If a line holds an image, leave the image out; write out everything else in the records exactly.

:: DATASET CONTENT ::

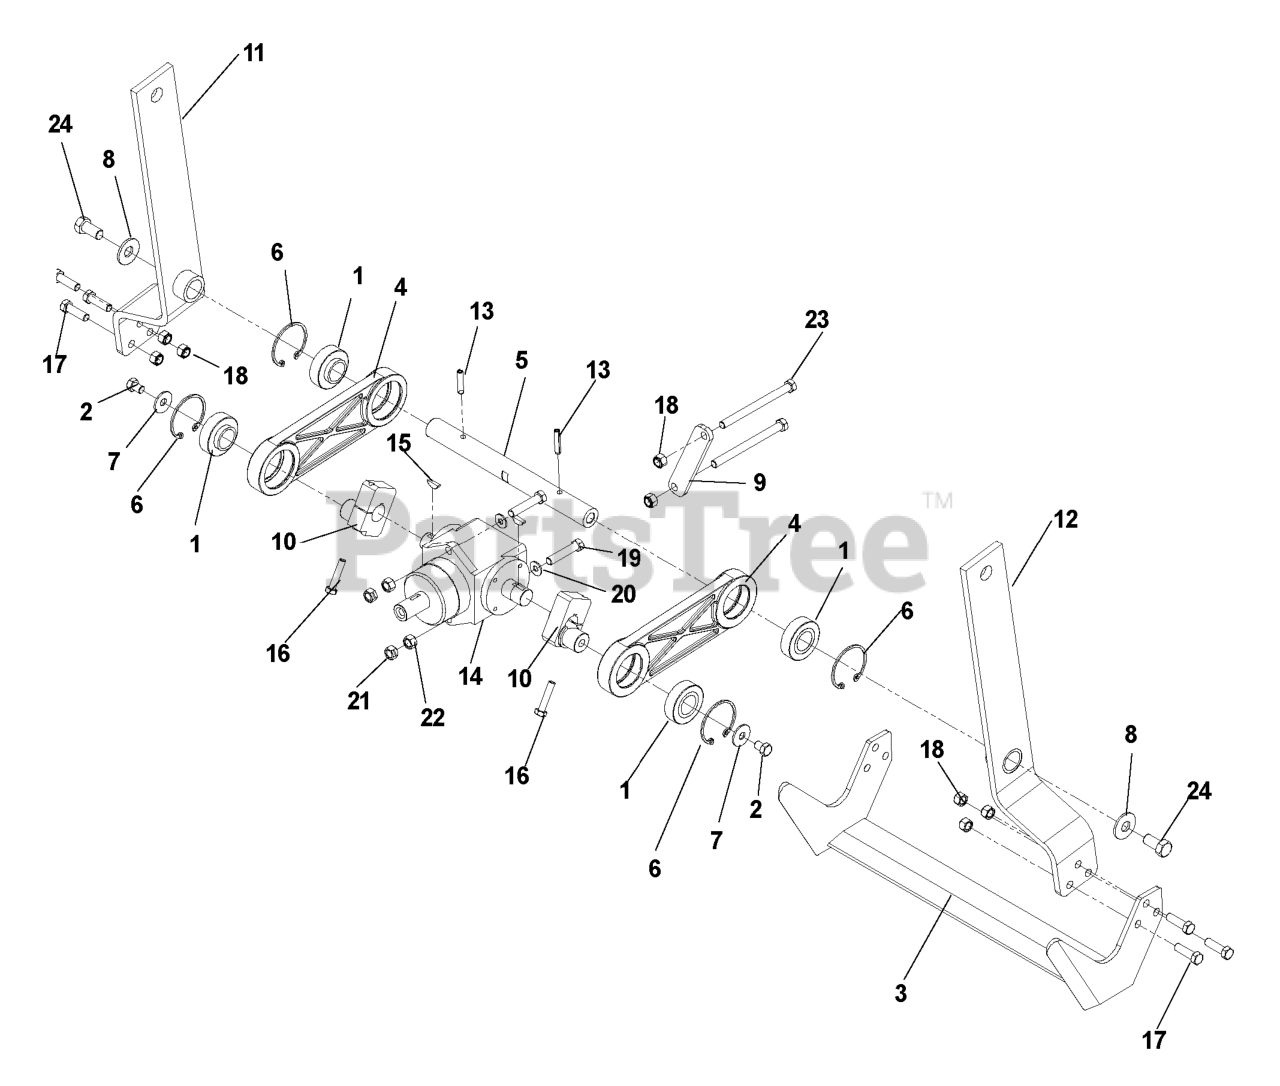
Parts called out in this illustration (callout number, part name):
1	BEARING
2	BOLT .375 X .5
3	KIT CUTTING BLADE 18" SOD CUT
4	LINK - CONNECTING
5	SHAFT - BLADE ARM
6	SNAP RING 52MM
7	SPRING WASHER - .38
8	SPRING WASHER - .50
9	STRAP T-BOX BLACK
11	BLADE ARM R.H., BLACK
12	BLADE ARM L.H., BLACK
13	SPIRAL PIN 1/4 DIA X 1.25
14	GEARBOX RIGHT ANGLE "T" DRIVE
15	KEY, #9 WOODRUFF
16	CAPSCREW 5/16 X 1/1/2 HEX HEAD
17	HCS 3/8C X 1 1/4 GR5
18	NUT 3/8-16 NYLOC
19	HCS 3/8-24
20	WASHER 3/8 SAE FLAT
22	NUT 3/8F CENTERLOCK
23	HCS 3/8C X 4 1/2
24	HHCS 1/2-13 X 1
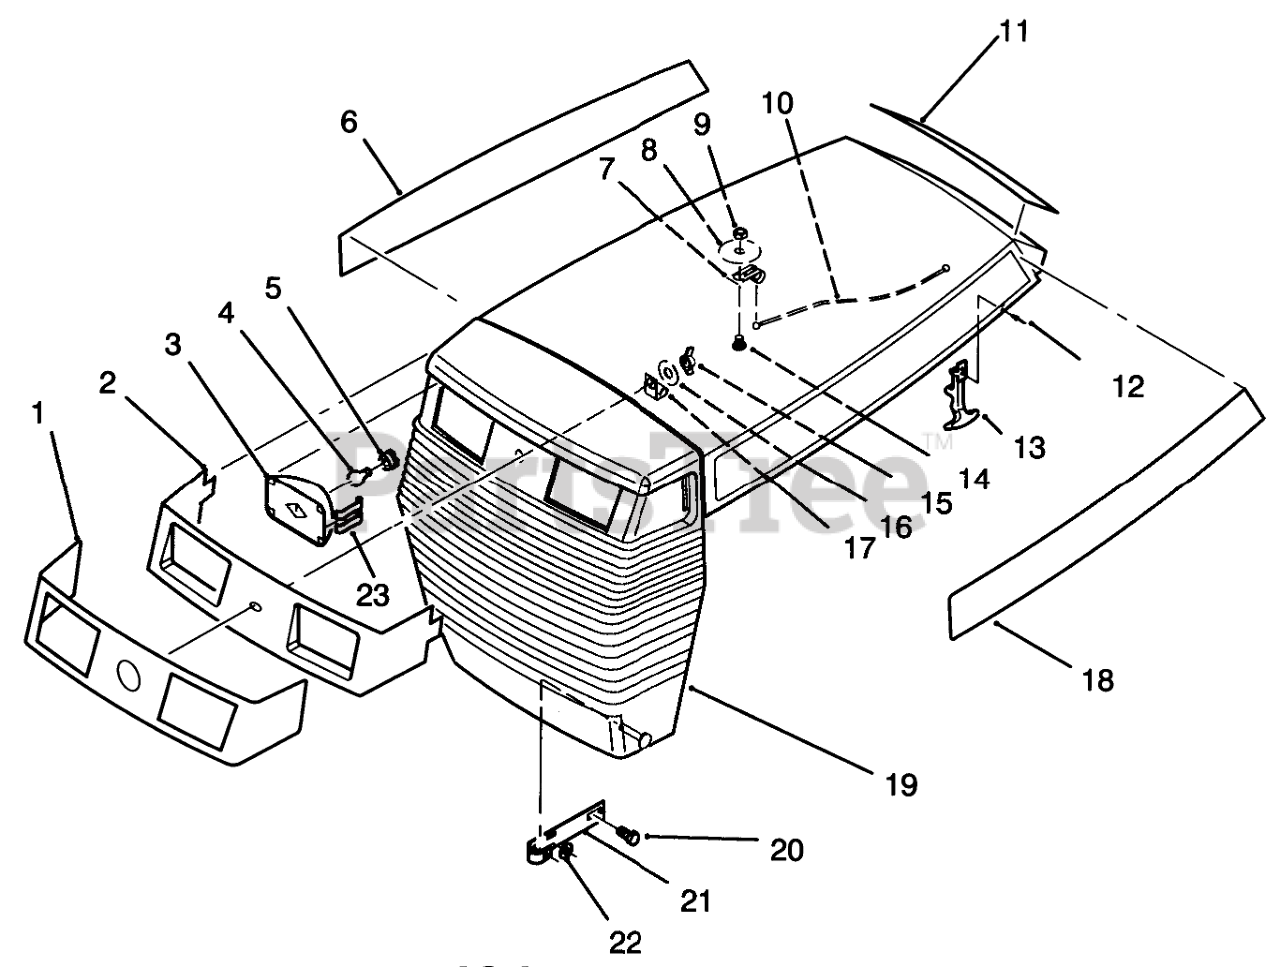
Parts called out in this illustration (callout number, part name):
1	DECAL-FRONT HOOD
2	LIGHT-BAR BLACK
3	LIGHT POD
4	BULB
5	SOCKET-HEADLIGHT
6	DECAL HOOD RH
7	CLEVIS
8	WASHER-BACKING
9	Nut
10	CABLE-ASS'Y
11	DECAL - DANGER
12	RIVET-POP
13	HANDLE ASM
14	SCREW
15	WING NUT
16	WASHER
17	J-CLIP
18	DECAL-HOOD L.H. 246H
19	Hood Assembly (Incl. Ref. #11)
20	Screw
21	BRKT-HOOD MTG L.H R
22	PUSH-NUT 5/16
23	RETAINER

:::

* [ANSWER TO THIS TASK]
Parts called out in this illustration (callout number, part name):
1	BEARING
2	BOLT .375 X .5
3	KIT CUTTING BLADE 18" SOD CUT
4	LINK - CONNECTING
5	SHAFT - BLADE ARM
6	SNAP RING 52MM
7	SPRING WASHER - .38
8	SPRING WASHER - .50
9	STRAP T-BOX BLACK
11	BLADE ARM R.H., BLACK
12	BLADE ARM L.H., BLACK
13	SPIRAL PIN 1/4 DIA X 1.25
14	GEARBOX RIGHT ANGLE "T" DRIVE
15	KEY, #9 WOODRUFF
16	CAPSCREW 5/16 X 1/1/2 HEX HEAD
17	HCS 3/8C X 1 1/4 GR5
18	NUT 3/8-16 NYLOC
19	HCS 3/8-24
20	WASHER 3/8 SAE FLAT
22	NUT 3/8F CENTERLOCK
23	HCS 3/8C X 4 1/2
24	HHCS 1/2-13 X 1
Parts called out in this illustration (callout number, part name):
1	DECAL-FRONT HOOD
2	LIGHT-BAR BLACK
3	LIGHT POD
4	BULB
5	SOCKET-HEADLIGHT
6	DECAL HOOD RH
7	CLEVIS
8	WASHER-BACKING
9	Nut
10	CABLE-ASS'Y
11	DECAL - DANGER
12	RIVET-POP
13	HANDLE ASM
14	SCREW
15	WING NUT
16	WASHER
17	J-CLIP
18	DECAL-HOOD L.H. 246H
19	Hood Assembly (Incl. Ref. #11)
20	Screw
21	BRKT-HOOD MTG L.H R
22	PUSH-NUT 5/16
23	RETAINER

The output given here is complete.